In enterprise AI procurement, this is particularly pronounced. By the time references are called, the team has usually seen impressive demos, heard compelling case studies, and built some degree of enthusiasm for the vendor. The reference call becomes a final box to tick rather than a genuine risk assessment.
Treating reference checks as a scored evaluation criterion - with defined questions, consistent weighting, and documented findings - helps counter that bias. They become a structured data point within a broader enterprise AI procurement process, not an afterthought.
There's also a timing consideration specific to AI: if you're assessing references after a proof of concept or pilot, you're in a stronger position. You have your own production experience to pressure-test against what references tell you. The gaps between reference accounts and your own pilot findings are worth examining closely.
What happens if you skip this
Nothing immediately.
The vendor is appointed. The contract is signed. The implementation begins. For a while, everything looks fine - the pilot use cases perform, the demos are repeated internally, early adopters are positive.
Then the harder realities surface. Adoption in the broader user population stalls. Token costs climb as usage scales. A model update changes output behaviour in ways your workflows weren't built to handle. Support response times that felt acceptable in early deployment become a problem when you're operating at scale. The vendor's roadmap moves in a direction that doesn't align with where your use cases are heading.
None of this would necessarily have disqualified the vendor.

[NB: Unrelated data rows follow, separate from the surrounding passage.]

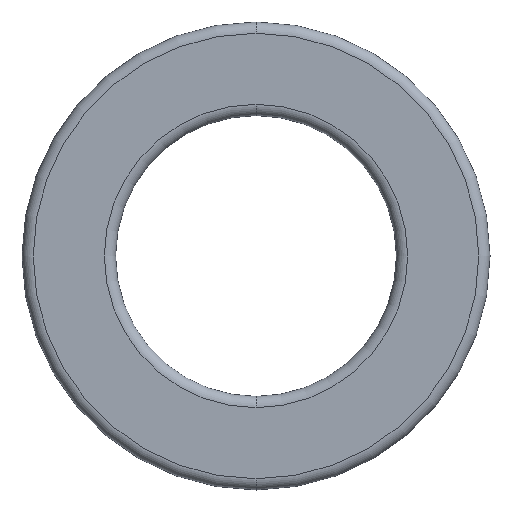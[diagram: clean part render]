
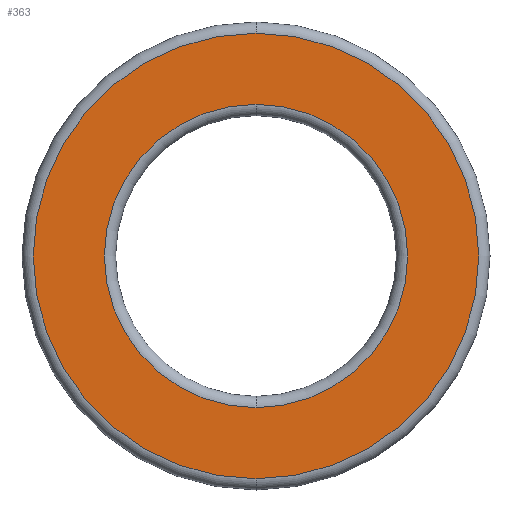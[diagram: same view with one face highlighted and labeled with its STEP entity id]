
A CAD part, front view. The second image highlights one B-rep face of the part: STEP entity #363.
In plain terms, the highlighted planar face has unit normal (0, -1, 0).
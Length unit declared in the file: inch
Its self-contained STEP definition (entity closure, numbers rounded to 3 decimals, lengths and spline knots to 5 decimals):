
#7 = AXIS2_PLACEMENT_3D ( 'NONE', #336, #139, #247 ) ;
#9 = FACE_BOUND ( 'NONE', #41, .T. ) ;
#31 = CARTESIAN_POINT ( 'NONE',  ( 0., -0.187, 0. ) ) ;
#41 = EDGE_LOOP ( 'NONE', ( #419, #217 ) ) ;
#45 = DIRECTION ( 'NONE',  ( 0., 0., -1. ) ) ;
#49 = ORIENTED_EDGE ( 'NONE', *, *, #396, .T. ) ;
#52 = EDGE_CURVE ( 'NONE', #157, #340, #375, .T. ) ;
#66 = CARTESIAN_POINT ( 'NONE',  ( 0., -0.187, 0. ) ) ;
#71 = DIRECTION ( 'NONE',  ( 0., -1., 0. ) ) ;
#122 = DIRECTION ( 'NONE',  ( 0., -1., 0. ) ) ;
#139 = DIRECTION ( 'NONE',  ( 0., -1., 0. ) ) ;
#142 = CIRCLE ( 'NONE', #7, 0.595 ) ;
#143 = AXIS2_PLACEMENT_3D ( 'NONE', #31, #397, #428 ) ;
#155 = FACE_OUTER_BOUND ( 'NONE', #210, .T. ) ;
#157 = VERTEX_POINT ( 'NONE', #286 ) ;
#168 = EDGE_CURVE ( 'NONE', #340, #157, #290, .T. ) ;
#177 = ORIENTED_EDGE ( 'NONE', *, *, #221, .T. ) ;
#178 = AXIS2_PLACEMENT_3D ( 'NONE', #222, #421, #45 ) ;
#190 = AXIS2_PLACEMENT_3D ( 'NONE', #66, #71, #276 ) ;
#196 = AXIS2_PLACEMENT_3D ( 'NONE', #430, #122, #362 ) ;
#206 = CARTESIAN_POINT ( 'NONE',  ( 0., -0.187, 0.405 ) ) ;
#210 = EDGE_LOOP ( 'NONE', ( #177, #49 ) ) ;
#217 = ORIENTED_EDGE ( 'NONE', *, *, #168, .T. ) ;
#221 = EDGE_CURVE ( 'NONE', #244, #420, #317, .T. ) ;
#222 = CARTESIAN_POINT ( 'NONE',  ( 0., -0.187, 0. ) ) ;
#236 = CARTESIAN_POINT ( 'NONE',  ( 0., -0.187, -0.595 ) ) ;
#244 = VERTEX_POINT ( 'NONE', #236 ) ;
#247 = DIRECTION ( 'NONE',  ( 0., 0., -1. ) ) ;
#267 = PLANE ( 'NONE',  #190 ) ;
#276 = DIRECTION ( 'NONE',  ( 0., 0., -1. ) ) ;
#286 = CARTESIAN_POINT ( 'NONE',  ( 0., -0.187, -0.405 ) ) ;
#290 = CIRCLE ( 'NONE', #143, 0.405 ) ;
#317 = CIRCLE ( 'NONE', #196, 0.595 ) ;
#336 = CARTESIAN_POINT ( 'NONE',  ( 0., -0.187, 0. ) ) ;
#340 = VERTEX_POINT ( 'NONE', #206 ) ;
#343 = CARTESIAN_POINT ( 'NONE',  ( 0., -0.187, 0.595 ) ) ;
#362 = DIRECTION ( 'NONE',  ( 0., 0., -1. ) ) ;
#363 = ADVANCED_FACE ( 'NONE', ( #155, #9 ), #267, .T. ) ;
#375 = CIRCLE ( 'NONE', #178, 0.405 ) ;
#396 = EDGE_CURVE ( 'NONE', #420, #244, #142, .T. ) ;
#397 = DIRECTION ( 'NONE',  ( 0., 1., 0. ) ) ;
#419 = ORIENTED_EDGE ( 'NONE', *, *, #52, .T. ) ;
#420 = VERTEX_POINT ( 'NONE', #343 ) ;
#421 = DIRECTION ( 'NONE',  ( 0., 1., 0. ) ) ;
#428 = DIRECTION ( 'NONE',  ( 0., 0., -1. ) ) ;
#430 = CARTESIAN_POINT ( 'NONE',  ( 0., -0.187, 0. ) ) ;

But much of it could have been anticipated and managed differently - through contract protections, governance structures, or simply more realistic internal expectations - if the signals had been surfaced during procurement.
That's the real cost of weak reference checks in enterprise AI. Not catastrophically bad decisions, but decisions made with less information than was available.
A final note
Reference checks won't tell you everything. They won't eliminate risk or guarantee outcomes. And in a category as fast-moving as enterprise AI, past performance is a less reliable predictor of future delivery than in more stable technology categories.
But they do offer genuine insight into how vendors actually operate in production - not how they present in a tender response, and not how the technology performs in a curated demo environment. In enterprise AI procurement, where the gap between those two things is often significant, that insight is worth more than most organisations invest in capturing it.
This article provides general commercial and procurement commentary only and does not constitute legal, financial, or professional advice.